一応決着したはずだがそれでもと慌ててしまう虎の子くんへ、

 「じゃあ、もっと埋まり甲斐のある抱き枕になってくれんだな?」
 「う……。/////」

今のお顔でそんな笑い方はなしですよぉと、真っ赤になった敦くん。
お、何だ何だ芥川へ乗り換えんのか?
違います、芥川でそんないいお顔なんだもの、中也さんのお顔だったら ボク卒倒してるかも〜〜。
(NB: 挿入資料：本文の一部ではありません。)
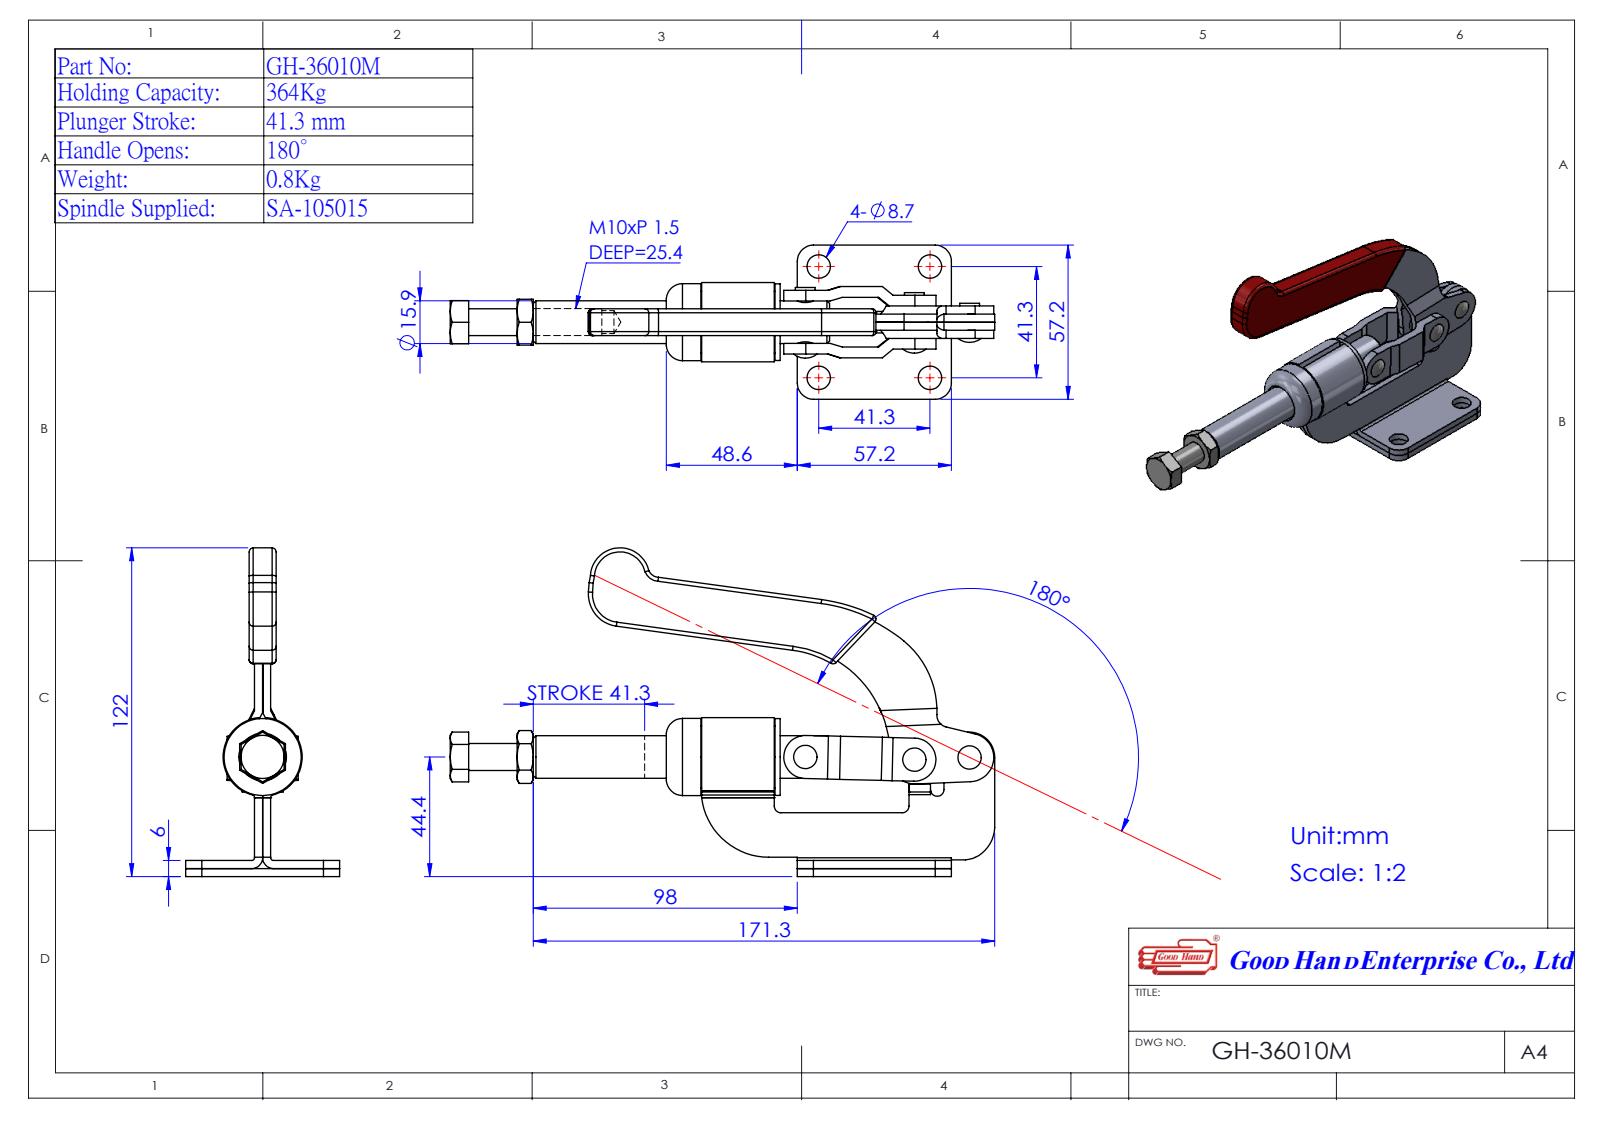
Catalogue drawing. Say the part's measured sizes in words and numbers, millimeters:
The part is named "GH-36010M(簡化); 436010M33-1^GH-36010M(簡化); Group5^GH-36010M(簡化); Group3^GH-36010M(簡化) (+2 more)". Its 3-D file was written by "SolidWorks 2016 (AUTOMOTIVE_DESIGN)". It is 6 solids with 297 faces: 131 planar, 124 cylindrical and 42 other. Overall it measures 202.15 by 122 by 57.2 millimeters. Its volume is 109 280 cubic millimeters and its surface area 56 187 square millimeters. Round holes: 4 of diameter 8.7, 4 of diameter 9.2, 3 of diameter 4.5, 1 of diameter 8.5, 1 of diameter 10, 1 of diameter 15.85, 1 of diameter 23.2. Round bosses or shafts: 2 of diameter 5.5, 1 of diameter 28.6, 1 of diameter 28.5, 1 of diameter 23, 1 of diameter 6. Partial cylindrical surfaces (rounded edges, fillets, slot ends): 6 of radius 1, 4 of radius 4, 4 of radius 6, 3 of radius 2.5, 2 of radius 8, 2 of radius 12, 1 of radius 4.27, 1 of radius 4.5. The main face-to-face distances are 6, 3, 2, 8, 5, 10, 11, 1, 9, 4. The hole center spacings are 41.3, 58.41, 20.5, 40.5, 60.97.
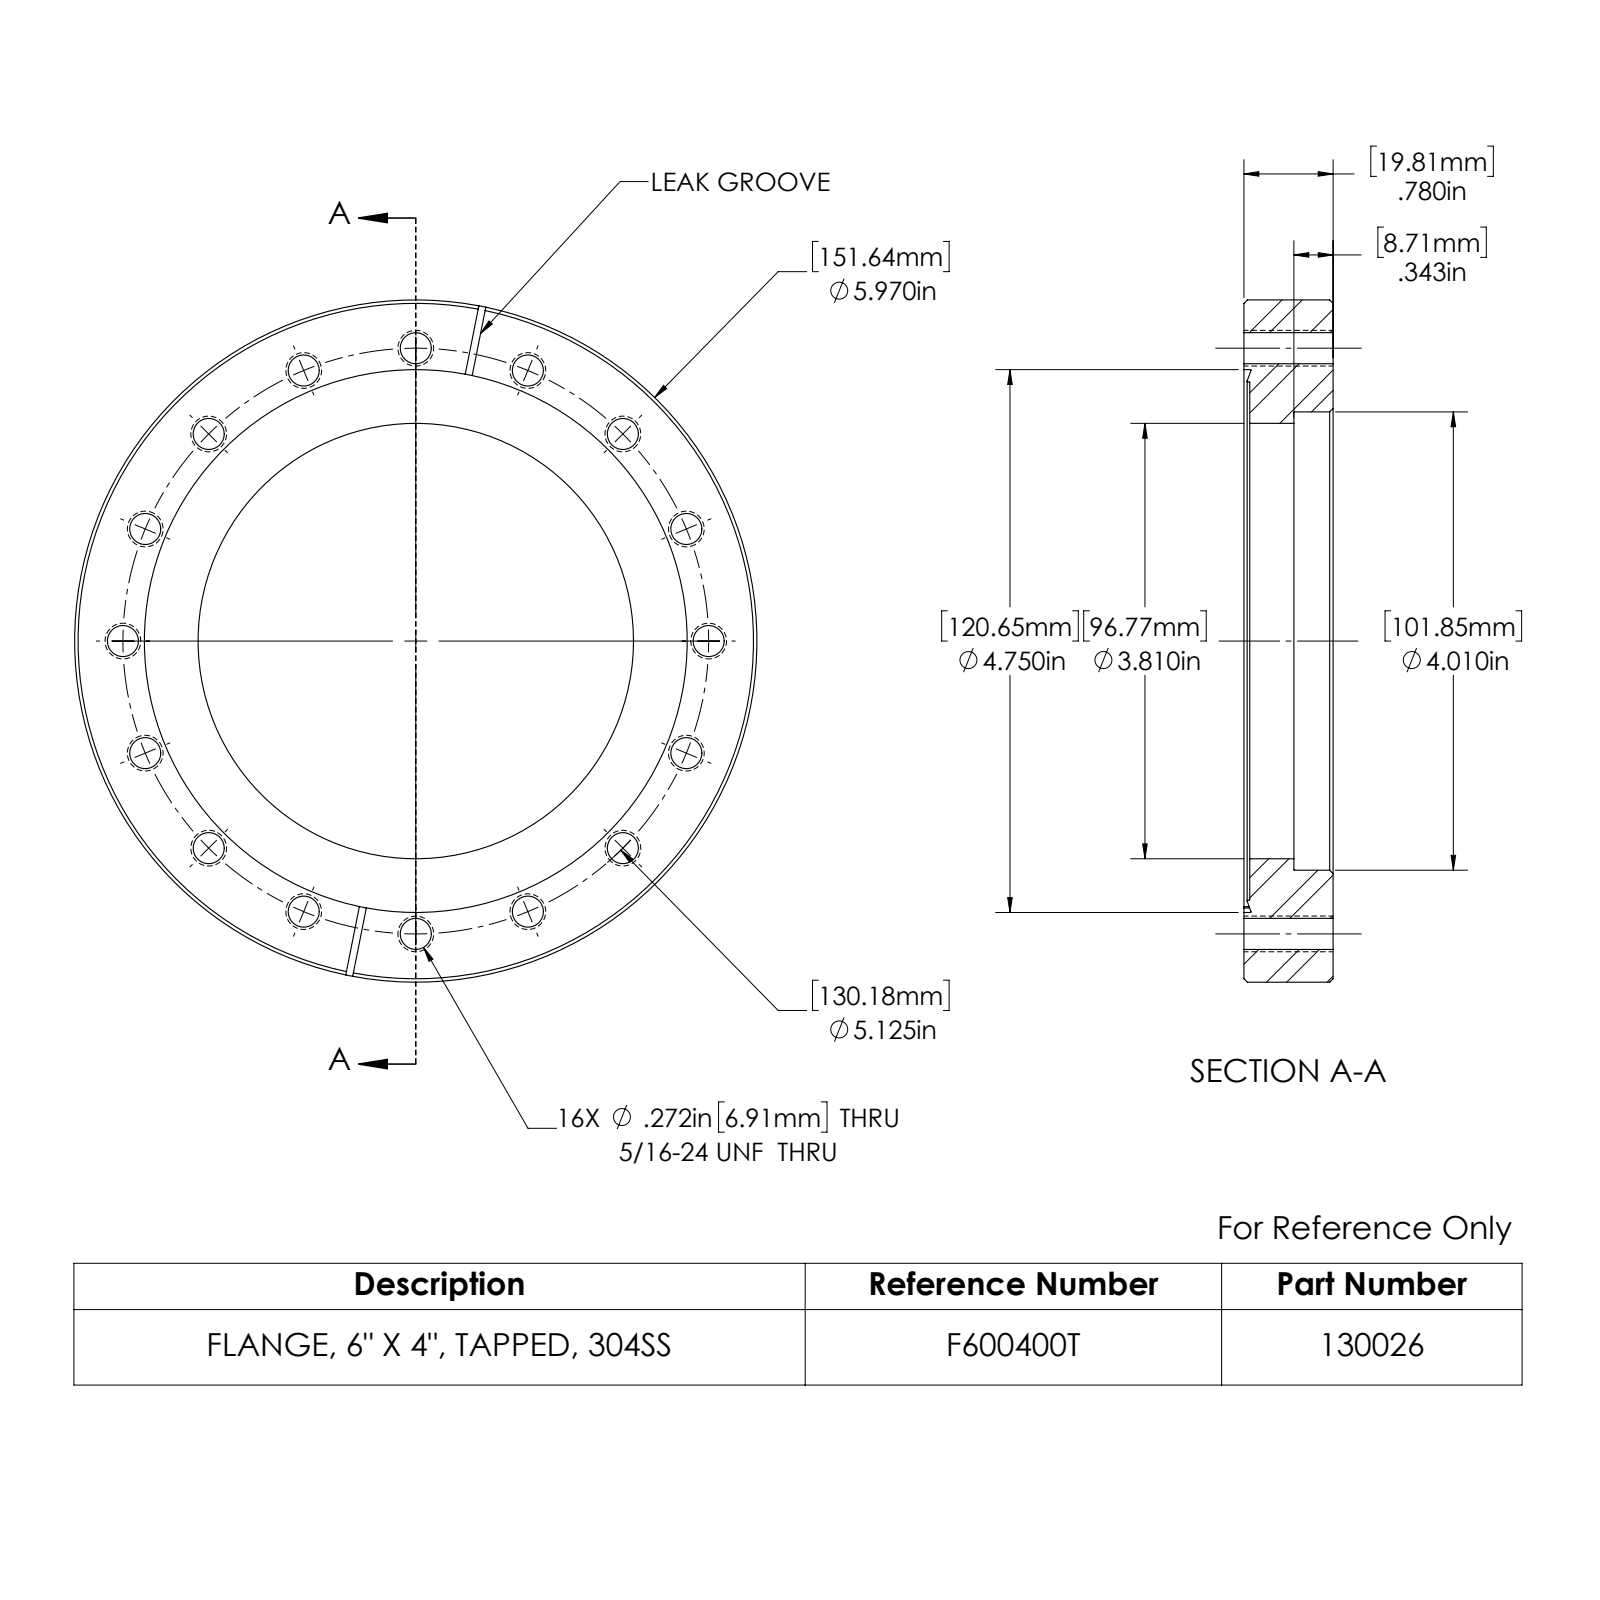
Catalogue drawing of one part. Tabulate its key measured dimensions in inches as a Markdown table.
| quantity | value |
| --- | --- |
| part name | 130026 |
| STEP written by | SolidWorks 2022 (AUTOMOTIVE_DESIGN) |
| units | inches |
| bodies | 1 solid, 70 faces (11 planar, 40 cylindrical, 19 other) |
| overall size | 5.97 × 5.97 × 0.78 |
| volume | 11.46 in³ |
| surface area | 65.98 in² |
| round holes (diameter × count) | 0.272 × 16, 3.81 × 1, 4.01 × 1, 4.75 × 1 |
| round bosses / shafts (diameter × count) | 5.97 × 1 |
| main face-to-face distances | 0.78, 0.051, 0.729, 0.437, 0.386, 0.343, 0.052, 0.385, 0.728, 0.062 |
| hole center spacings | 2.847, 4.735, 5.026, 1.961, 2.563, 3.624, 1, 1 |
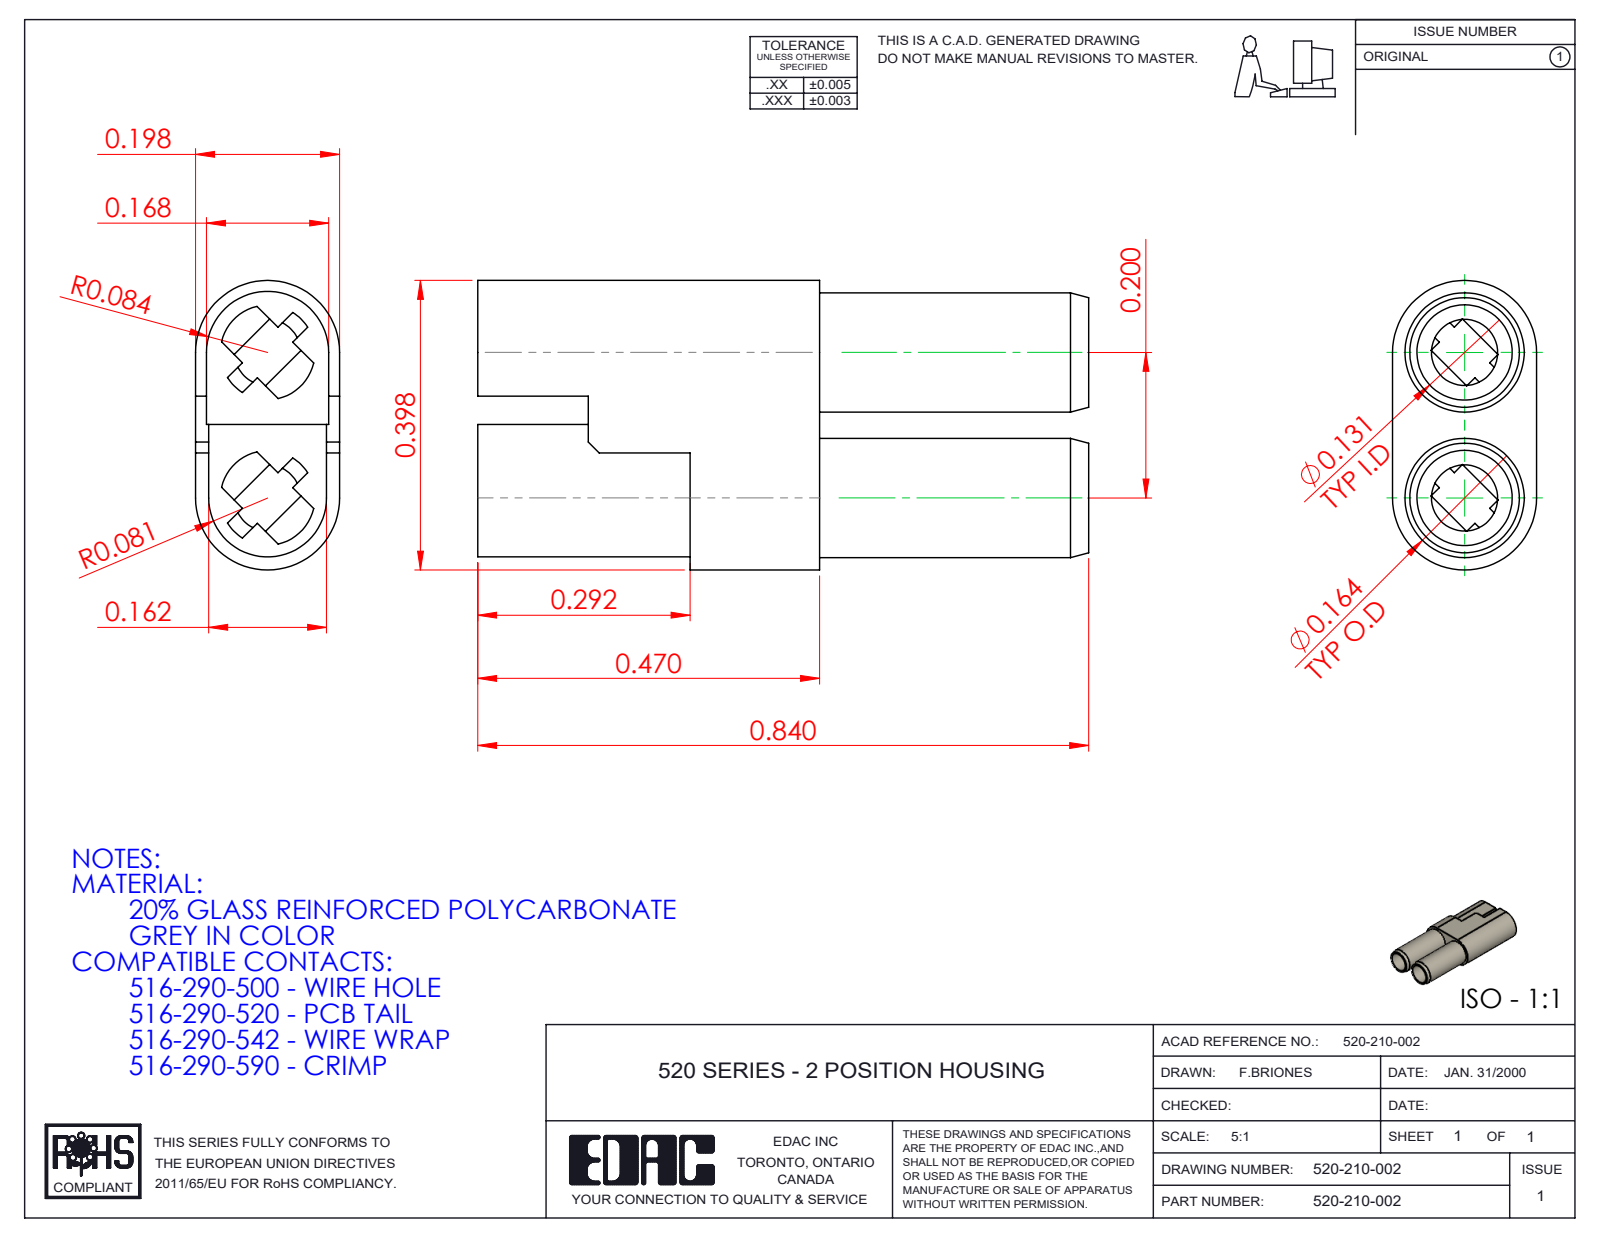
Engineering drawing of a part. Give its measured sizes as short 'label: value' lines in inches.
name: 520-210-002
written by: SolidWorks 2020 (AUTOMOTIVE_DESIGN)
unit: in
bodies: 1 solid, 92 faces (62 planar, 22 cylindrical, 8 other)
size: 0.84 × 0.398 × 0.198
volume: 0.022 in³; area: 1.731 in²
holes: 2× ⌀0.131
bosses: 2× ⌀0.164
rounds: 2× R0.065, 2× R0.099, 1× R0.081, 1× R0.084
face distances: 0.141, 0.198, 0.18, 0.069, 0.018, 0.015, 0.183, 0.165, 0.029, 0.178
hole spacings: 0.2
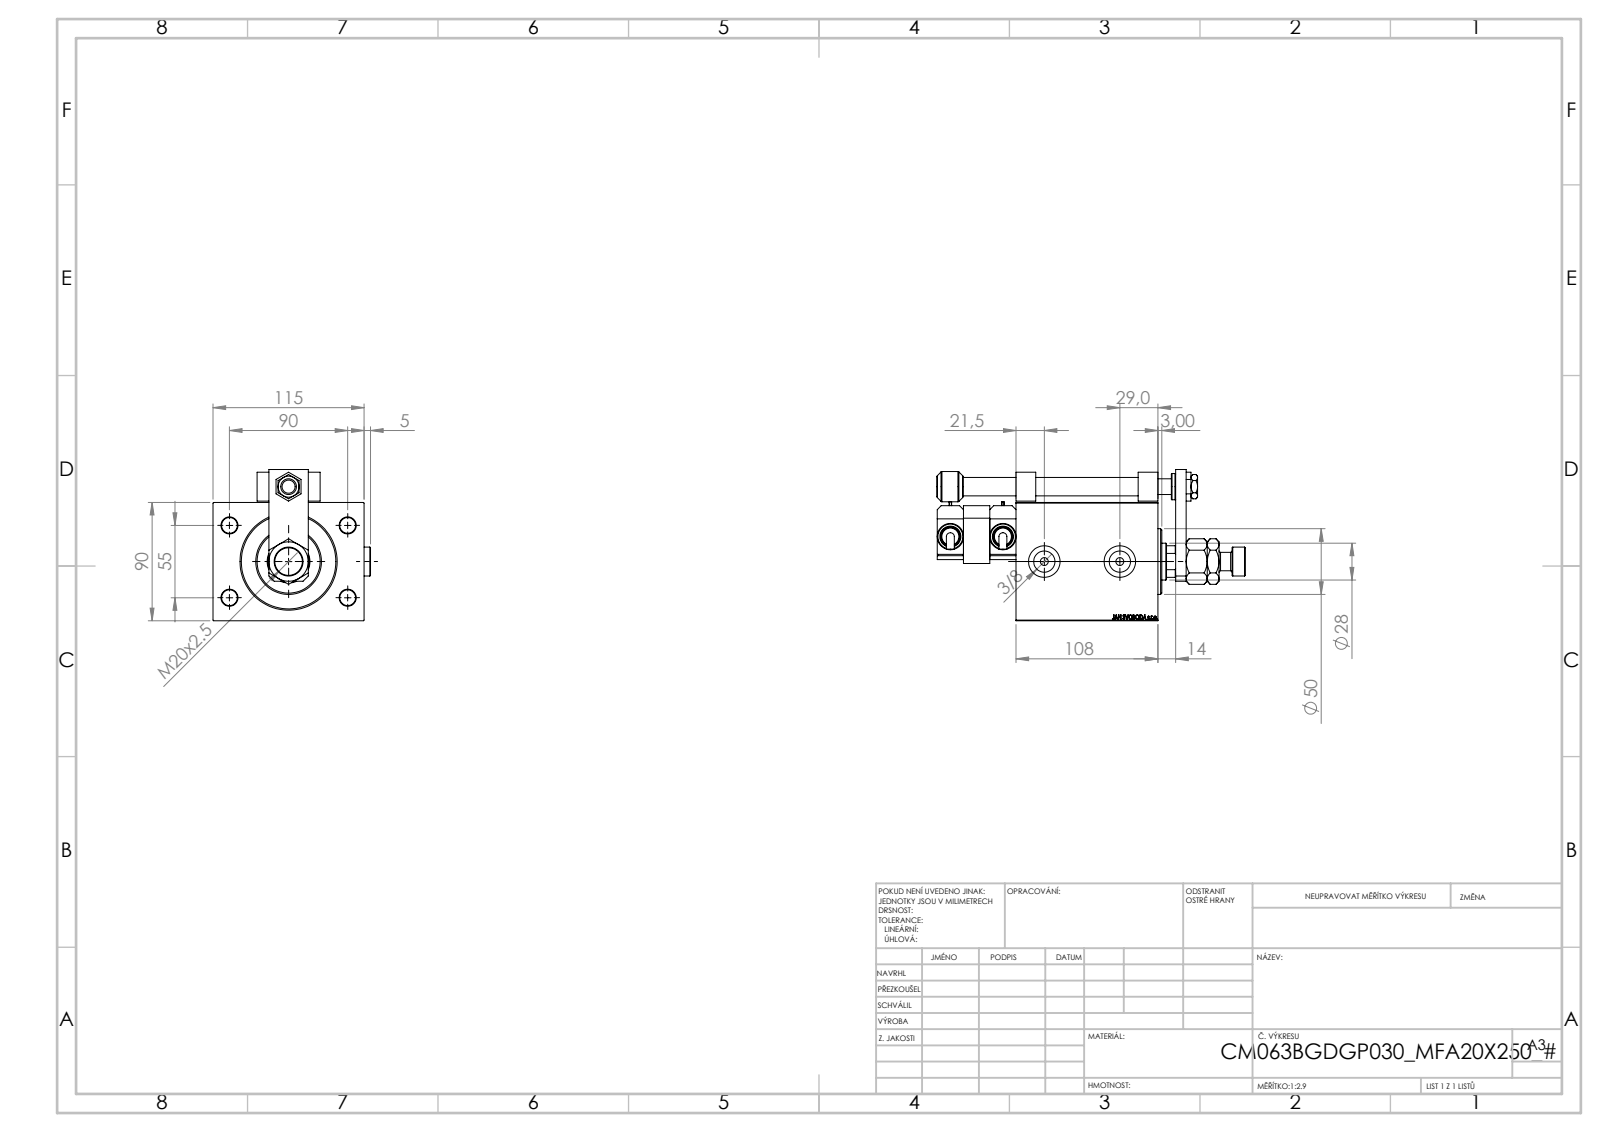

 そんなこんなと、見た目は随分と意表を衝くよな組み合わせの二人、
 ごちゃごちゃ言い合う木洩れ日の下だったが、

片やの、某幹部様のご自宅ではではで、
敦少年がまずは心当たりから外すだろう場所として
身を潜めにとヘアピン一本で潜入しちゃった誰かさんが、
待機中の 誰かさん in 中也さんと鉢合わせているかもというくだりは
どなたかに書いてほしかったりします。



     〜 Fine 〜    19.06.23.


 *某様の人格入れ替わりネタを拝見し、
  ちょっと思いついちゃったので書いてみました。
  敦くんってまだ少し伸びそうな気がしたのが
  前作の『拗ねちゃった〜』でしたが、
  それはともかく
  こういう目線で愛し子を見やるのって
  中也さんたら初体験じゃなかろかとか思いまして。